RECORDS SHOWN -
------------------------------------------------------------

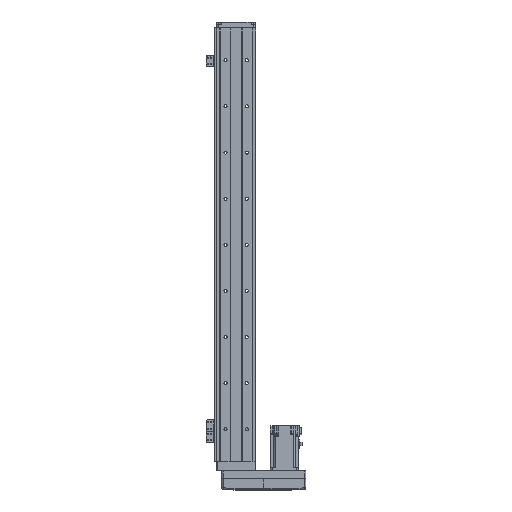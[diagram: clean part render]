
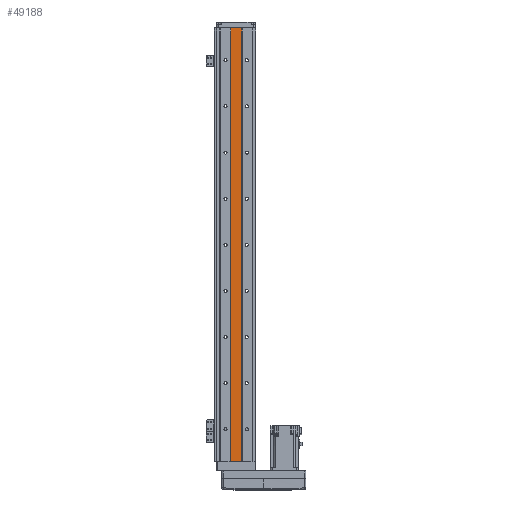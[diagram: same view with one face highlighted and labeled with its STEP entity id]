
A CAD part, front view. The second image highlights one B-rep face of the part: STEP entity #49188.
In plain terms, the highlighted planar face has unit normal (0, -1, 0).
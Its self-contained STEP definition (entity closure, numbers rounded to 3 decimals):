
#1948 = CARTESIAN_POINT ( 'NONE',  ( -12.269, -13.462, 0. ) ) ;
#1982 = CARTESIAN_POINT ( 'NONE',  ( -12.269, -13.462, 940. ) ) ;
#3528 = CARTESIAN_POINT ( 'NONE',  ( -12.269, -13.462, 940. ) ) ;
#3896 = DIRECTION ( 'NONE',  ( 1., 0., 0. ) ) ;
#5348 = VECTOR ( 'NONE', #3896, 1000. ) ;
#6678 = VERTEX_POINT ( 'NONE', #9304 ) ;
#9304 = CARTESIAN_POINT ( 'NONE',  ( -12.269, -13.462, 940. ) ) ;
#9418 = LINE ( 'NONE', #3528, #5348 ) ;
#11791 = DIRECTION ( 'NONE',  ( 0., 0., -1. ) ) ;
#11833 = EDGE_CURVE ( 'NONE', #6678, #37715, #43390, .T. ) ;
#12809 = ORIENTED_EDGE ( 'NONE', *, *, #23738, .F. ) ;
#16772 = ORIENTED_EDGE ( 'NONE', *, *, #11833, .T. ) ;
#19869 = DIRECTION ( 'NONE',  ( 0., 0., 1. ) ) ;
#21883 = VERTEX_POINT ( 'NONE', #27847 ) ;
#22241 = ORIENTED_EDGE ( 'NONE', *, *, #29507, .F. ) ;
#23738 = EDGE_CURVE ( 'NONE', #41279, #21883, #51323, .T. ) ;
#27030 = DIRECTION ( 'NONE',  ( 1., 0., 0. ) ) ;
#27266 = PLANE ( 'NONE',  #41594 ) ;
#27455 = DIRECTION ( 'NONE',  ( 0., 1., 0. ) ) ;
#27847 = CARTESIAN_POINT ( 'NONE',  ( 11.731, -13.462, 0. ) ) ;
#27934 = EDGE_LOOP ( 'NONE', ( #47693, #12809, #22241, #16772 ) ) ;
#29507 = EDGE_CURVE ( 'NONE', #6678, #41279, #9418, .T. ) ;
#29919 = LINE ( 'NONE', #35324, #33159 ) ;
#31077 = FACE_OUTER_BOUND ( 'NONE', #27934, .T. ) ;
#33159 = VECTOR ( 'NONE', #27030, 1000. ) ;
#35324 = CARTESIAN_POINT ( 'NONE',  ( -12.269, -13.462, 0. ) ) ;
#36860 = CARTESIAN_POINT ( 'NONE',  ( 11.731, -13.462, 940. ) ) ;
#37715 = VERTEX_POINT ( 'NONE', #1948 ) ;
#40721 = CARTESIAN_POINT ( 'NONE',  ( 11.731, -13.462, 940. ) ) ;
#41279 = VERTEX_POINT ( 'NONE', #40721 ) ;
#41594 = AXIS2_PLACEMENT_3D ( 'NONE', #1982, #27455, #19869 ) ;
#42769 = VECTOR ( 'NONE', #11791, 1000. ) ;
#43390 = LINE ( 'NONE', #47882, #46009 ) ;
#46009 = VECTOR ( 'NONE', #47705, 1000. ) ;
#46549 = EDGE_CURVE ( 'NONE', #37715, #21883, #29919, .T. ) ;
#47693 = ORIENTED_EDGE ( 'NONE', *, *, #46549, .T. ) ;
#47705 = DIRECTION ( 'NONE',  ( 0., 0., -1. ) ) ;
#47882 = CARTESIAN_POINT ( 'NONE',  ( -12.269, -13.462, 940. ) ) ;
#49188 = ADVANCED_FACE ( 'NONE', ( #31077 ), #27266, .F. ) ;
#51323 = LINE ( 'NONE', #36860, #42769 ) ;

------------------------------------------------------------

EXERCISE DIRECTIONS - If a line in the records holds the string "VECTOR", copy it.

RESULT FOR THIS EXERCISE -
#5348 = VECTOR ( 'NONE', #3896, 1000. ) ;
#33159 = VECTOR ( 'NONE', #27030, 1000. ) ;
#42769 = VECTOR ( 'NONE', #11791, 1000. ) ;
#46009 = VECTOR ( 'NONE', #47705, 1000. ) ;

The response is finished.